# Q very specific to filing for citizenship, B1 test, titre de sejour renewal and timing of all such



## calin-m

Happy Holidays, everybody!

Disclaimer: my question may be way too specific for this forum, case in which I apologize in advance for the noise, and request a follow-up via private messaging, for someone "in the know".

Status: married for 10+ years, in the US, with a French born citizen. Moved together to France approx one year ago. Got a two year titre de sejour, to expire mid 2024. I am interested in filing for French nationality, but I am not sure how to "pace" the process, i.e. when should I start what, based on an approx duration, from start to finish (this is my Q!), so that I could sync it up with a TCF ANF B1 test I would need to take (which expires in two years) and titre de sejour renewal. For example - I hear about a min of three years of continuous French territory presence required, but not clear under which conditions. To complicate (or simplify) the matters, I also hold another EU citizenship, which - I've been told - may be beneficial, when it comes to addressing some qualifying criteria for French nationality (?!?)


----------



## Bevdeforges

TBH, the EU nationality doesn't do much for you at this point. To apply for French nationality by marriage, you need to have been married to your French spouse for at least 4 years, I think it is. Take a look here for all the requirements: French nationality by marriage

The timing is fairly straight forward: you submit your dossier (including your language certificate) and once the full dossier is accepted for processing, you wait. Usually for a good year or so.

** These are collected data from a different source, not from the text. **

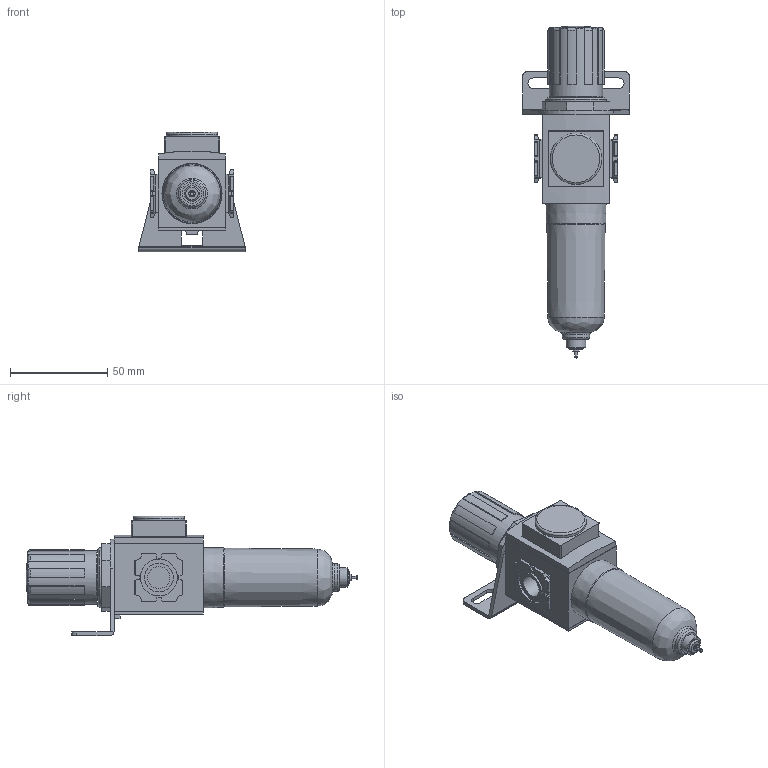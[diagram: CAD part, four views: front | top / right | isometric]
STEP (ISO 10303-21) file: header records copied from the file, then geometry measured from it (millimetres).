
FILE_DESCRIPTION( ( 'STEP AP214' ), '1' );
FILE_NAME( 'C:/Users/emc03072/Desktop/EAW/EAW2000-02F1.stp', '2026-08-14T15:53:35', ( 'License CC BY-ND 4.0' ), ( 'CADENAS' ), ' ', 'PARTsolutions', ' ' );
FILE_SCHEMA( ( 'AUTOMOTIVE_DESIGN { 1 0 10303 214 1 1 1 1 }' ) );
Length unit declared in the file: millimetre
Products named in the file (2): EAW2000-02F1; _EAW2000-02F1-body
Assembly tree (1 placements, depth 2):
  EAW2000-02F1
    _EAW2000-02F1-body
Bounding box: 55 x 171.09 x 61.6 mm (x, y, z)
Volume: 154357.4 mm3; surface area: 28248.5 mm2
Topology: 1 solids, 1 shells, 346 faces, 936 edges, 614 vertices
Faces by surface type: plane 276, cylinder 54, cone 7, torus 6, bspline 2, sphere 1
Full cylindrical faces by diameter (mm): 1.1 x1, 1.8 x1, 3.372 x1, 8 x1, 10 x1, 11.445 x2, 14.8 x2, 19 x2, 23.7 x1, 26.5 x1, 27.64 x1, 31 x1
Entity records: 13471 total; most frequent: CARTESIAN_POINT 1916, ORIENTED_EDGE 1804, DIRECTION 1779, EDGE_CURVE 902, LINE 717, VECTOR 717, VERTEX_POINT 612, AXIS2_PLACEMENT_3D 531

You need to be legally able to remain in France during the processing time - and to make yourself available for a couple of interviews with the prefecture and the gendarmerie. 

The timing you're asking about relates mainly to assembling all the necessary documents - including the "police report" from you country of origin, that language certificate, appropriately certified copies of birth, marriage and (if applicable) divorce records.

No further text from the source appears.